Calling Python function JIT compiled with JAX from Julia without overhead

You generally should not use @jit from reactant outside of one off tests. You should say f = @compile foo(…), then call the compiled function f(…)

@MilesCranmer on my laptop, I see the following. We can probably bring down the overhead further to setup the call (though also note that the overhead is from calling the outermost function so you won’t see any such overhead calling jax code from within a julia function – just from the outermost setup itself).

julia> using Reactant

julia> using PythonCall: pyimport

julia> using BenchmarkTools: @btime

julia> jax = pyimport("jax")
Python: <module 'jax' from '/Users/wmoses/git/Reactant.jl/py/.CondaPkg/.pixi/envs/default/lib/python3.12/site-packages/jax/__init__.py'>

julia> jax_sum(x) = Reactant.@jit jax.numpy.sum(x)
jax_sum (generic function with 1 method)

julia> @btime sum(x) setup=(x=randn(Float32,100))
  6.083 ns (0 allocations: 0 bytes)
-7.1881f0

julia> @btime jax_sum(x) setup=(x=Reactant.to_rarray(randn(Float32,100)))
  27.854 ms (1615 allocations: 451.13 KiB)
Reactant.ConcretePJRTNumber{Float32, 1, Reactant.Sharding.ShardInfo{Reactant.Sharding.NoSharding, Nothing}}(-15.242416f0)

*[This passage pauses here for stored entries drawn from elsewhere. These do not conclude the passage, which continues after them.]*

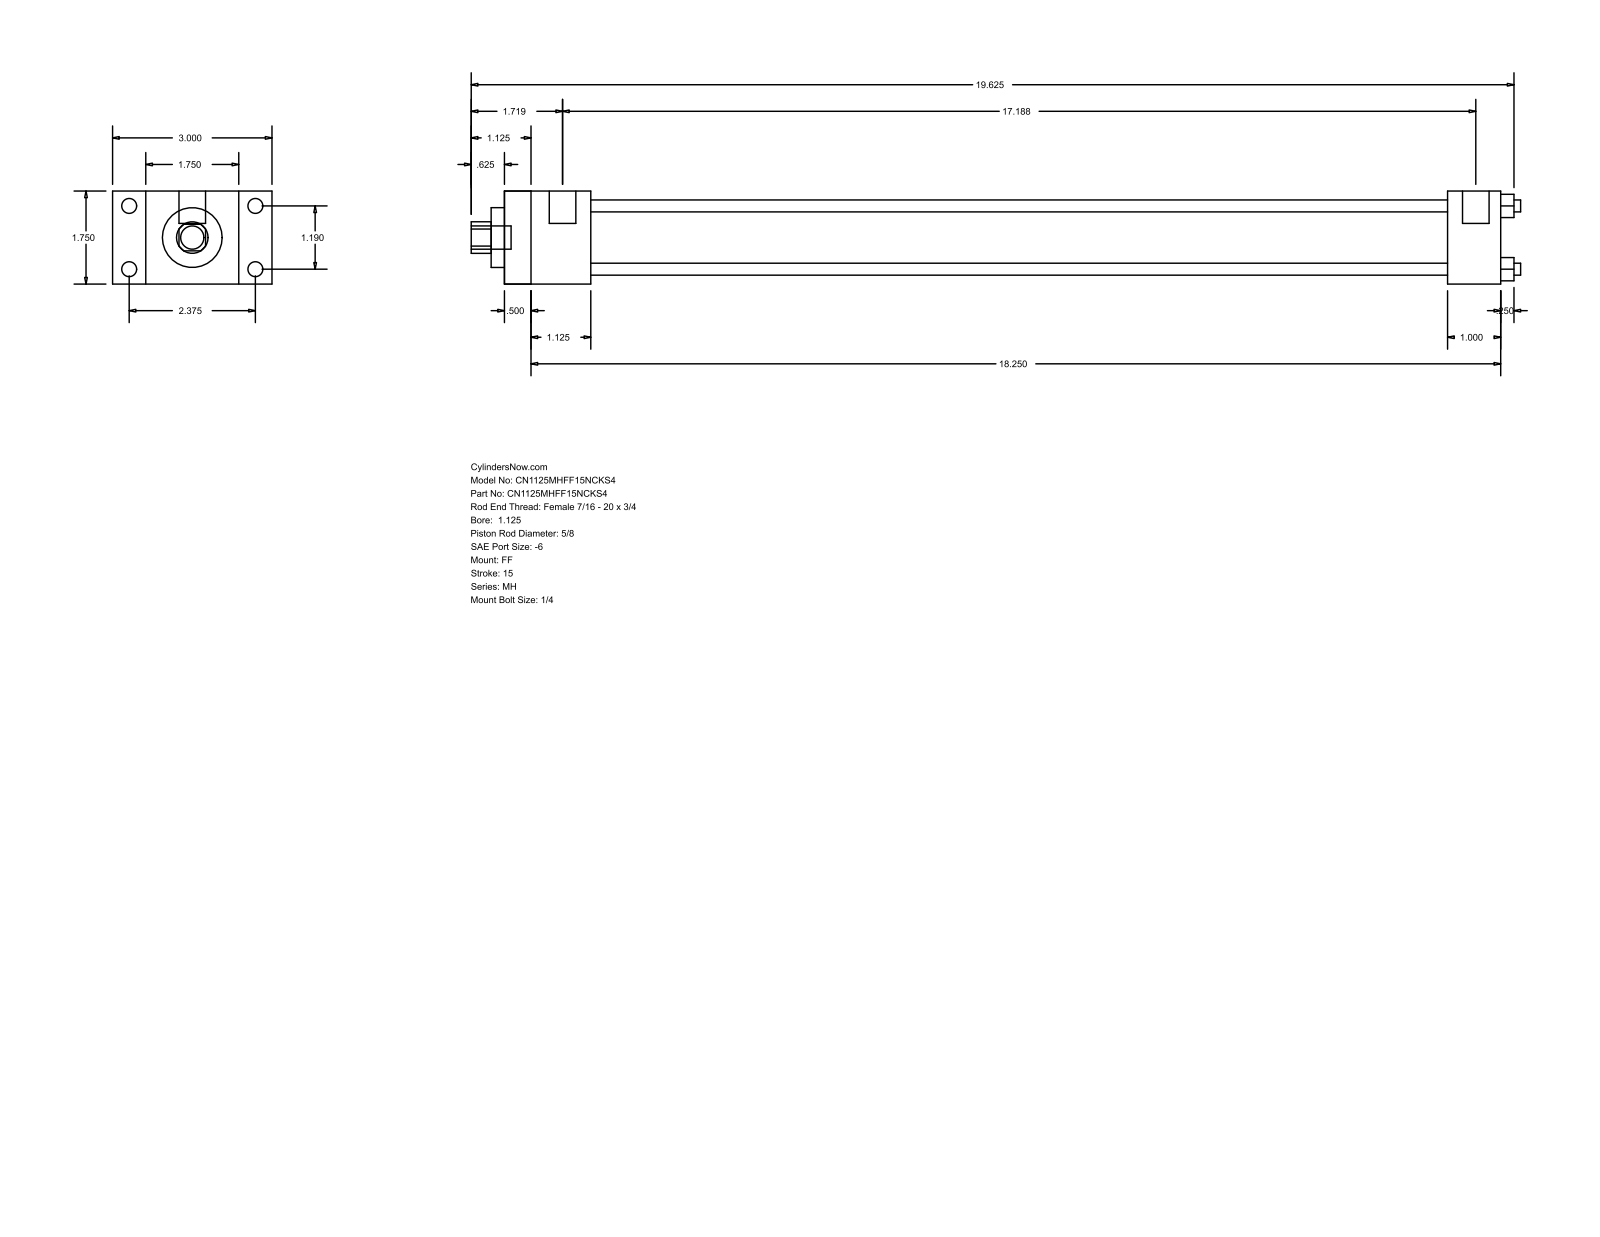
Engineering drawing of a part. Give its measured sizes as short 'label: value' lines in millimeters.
name: MH_FF__0112_0.625
written by: GSSL Pune (CONFIG_CONTROL_DESIGN)
unit: mm
bodies: 0 solids, 92 faces (64 planar, 28 cylindrical, 0 other)
size: 501.65 × 76.2 × 44.45
holes: 4× ⌀5.71, 1× ⌀15.88, 1× ⌀28.57, 1× ⌀34.92
bosses: 4× ⌀7.14, 4× ⌀5.56, 2× ⌀12.7, 1× ⌀11.11
rounds: 1× R7.54
face distances: 44.46, 476.24, 15.87, 12.69, 463.55, 60.33, 28.58, 41.27, 450.85, 438.16
hole spacings: 21.37, 30.22, 42.74
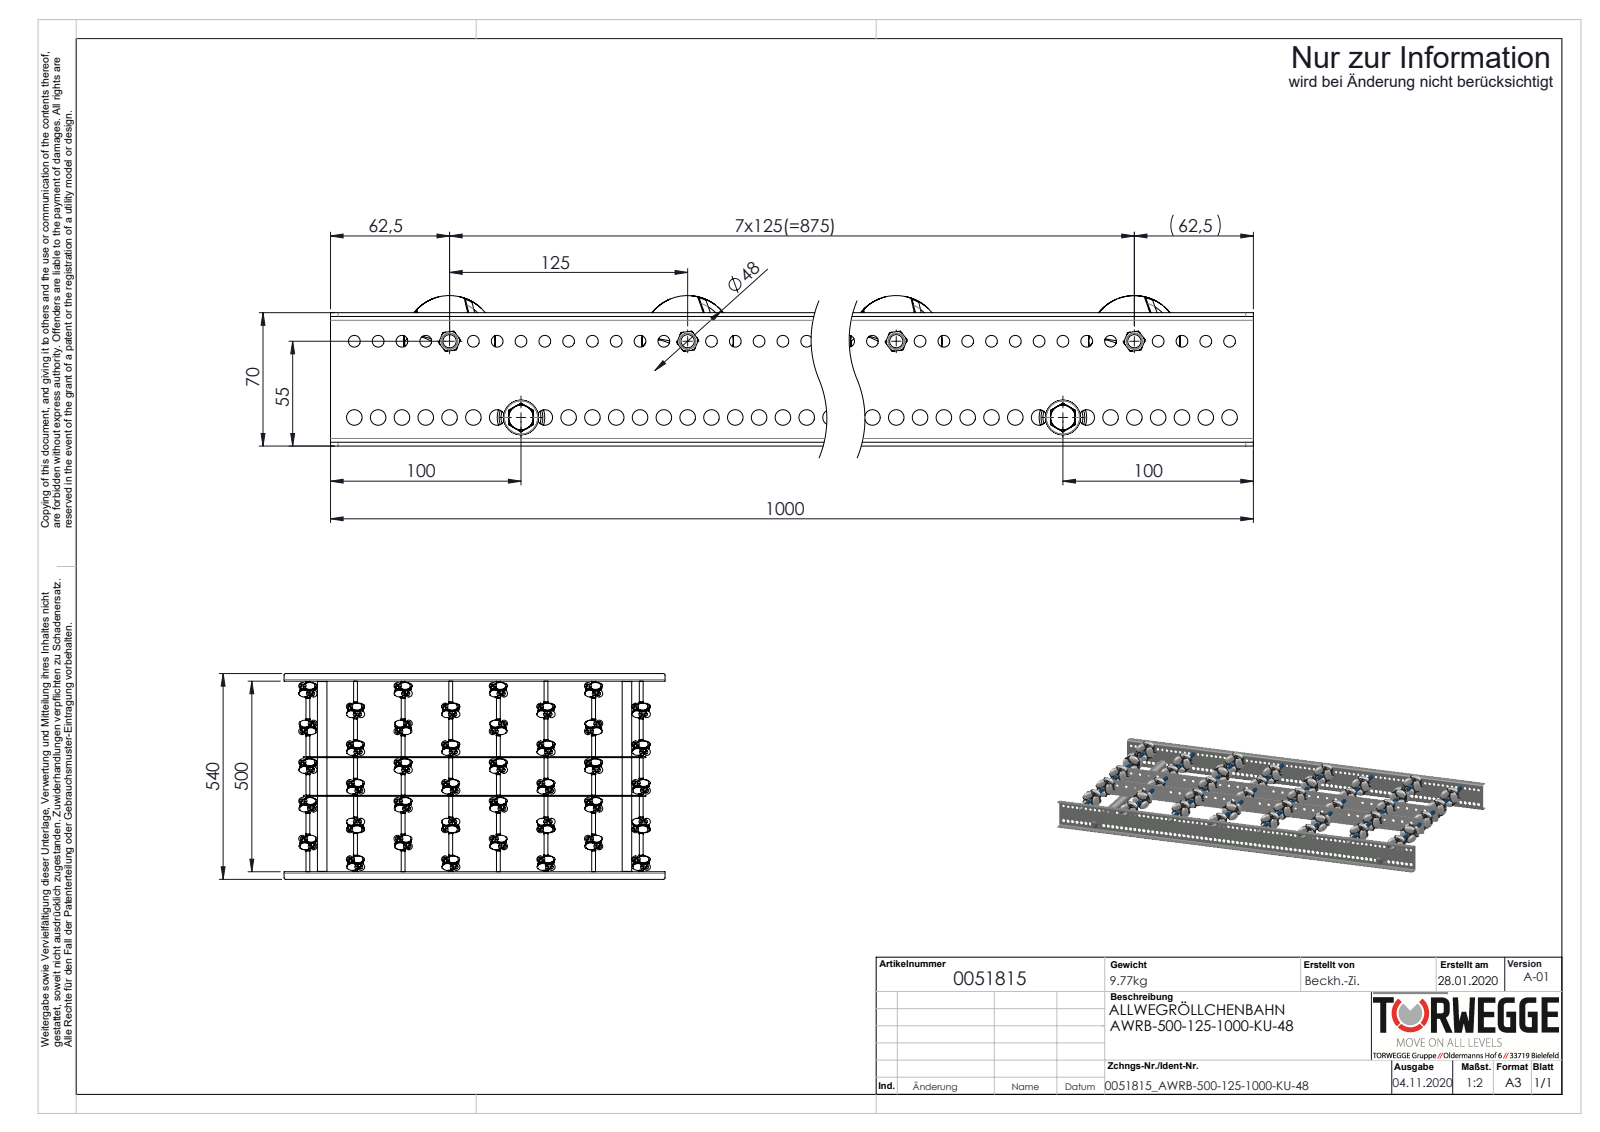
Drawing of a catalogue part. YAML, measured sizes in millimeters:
part_name: "Profil-RB-20x70x20x2_S100215_U-PROFIL-20-70-20-2-RB-L=1000; AWR48_Röllchen; Traversen_KFG_L500; 0027528_BUCHSE-HOHLNIETE ZU AWR48 (+8 more)"
step_written_by: "SolidWorks 2020 (AUTOMOTIVE_DESIGN)"
units: millimeters
bodies: {solids: 678, faces: 12484, planar: 4196, cylindrical: 5080, other: 3208}
overall_size: [1000, 540, 78.99]
volume: 2662000
surface_area: 1935000
round_holes:
  - {diameter: 3.7, count: 240}
  - {diameter: 4.2, count: 240}
  - {diameter: 6.2, count: 79}
  - {diameter: 8.2, count: 79}
  - {diameter: 6.5, count: 36}
  - {diameter: 4.92, count: 8}
  - {diameter: 8.4, count: 8}
  - {diameter: 6.8, count: 2}
  - {diameter: 21, count: 2}
round_bosses_or_shafts:
  - {diameter: 4, count: 240}
  - {diameter: 3.7, count: 207}
  - {diameter: 8, count: 10}
  - {diameter: 42, count: 8}
  - {diameter: 11, count: 8}
  - {diameter: 10, count: 8}
  - {diameter: 7, count: 8}
  - {diameter: 6, count: 8}
partial_cylinders:
  - {radius: 4, count: 8}
  - {radius: 23.55, count: 8}
  - {radius: 2, count: 4}
  - {radius: 5, count: 4}
face_to_face_distances: [2, 502, 101.5, 2.5, 68, 500, 504, 99, 200.1, 301.6]
hole_center_spacings: [36.06, 36.05, 36.07, 125, 250, 36.04, 12.5, 25]

julia> jax_sum2 = Reactant.@compile sync=true jax.numpy.sum(Reactant.to_rarray(randn(Float32,100)))
Reactant compiled function <function sum at 0x35dfb9300> (with tag ##<function sum at 0x35dfb9300>_reactant#262)

julia> @btime jax_sum2(x) setup=(x=Reactant.to_rarray(randn(Float32,100)))
  1.708 μs (16 allocations: 704 bytes)
Reactant.ConcretePJRTNumber{Float32, 1, Reactant.Sharding.ShardInfo{Reactant.Sharding.NoSharding, Nothing}}(2.3117552f0)
2 Likes

And yes you can call Reactant.to_rarray(0.0; track_numbers=true), or alternatively just ConcreteRNumber(0.0)

1 Like

Just to elaborate, that’s because @jit does two things: compile the function (what @compile does) and call it. If you benchmark, even with @btime, a @jit call you always measure Reactant’s compilation and a first-time call latency of the (re-)compiled function. That’s why separating @compile and function call gives much more sensible timing.

3 Likes

Thanks. I’ve been using Julia for so long I forgot that thing about JAX needing static shapes for compilation

Are there any static shape versions of ConcretePJRTArray so that the shape specialization can be done automatically?

julia> jax_sum_32 = Rx.@compile sync=true jax.numpy.sum(Rx.to_rarray(randn(Float32,32)))
Reactant compiled function <function sum at 0x340b8c860> (with tag ##<function sum at 0x340b8c860>_reactant#250)

julia> jax_sum_32(Rx.to_rarray(randn(Float32,64)))
ERROR: INVALID_ARGUMENT: Executable expected parameter 0 of size 128 but got buffer with incompatible size 256

It might be nice to build generic jax_sum(x) that automatically compile to each shape, similar to how the @jax.jit function wrapper does it

1 Like

Originally we had the shape in the type, but we removed it so we could in the future support dynamic shapes (which is planned but we only started updating our optimizations to support recently).

But you can always make a separate cache based on the sizes that’s smarter than the current jit macro (contributions welcome).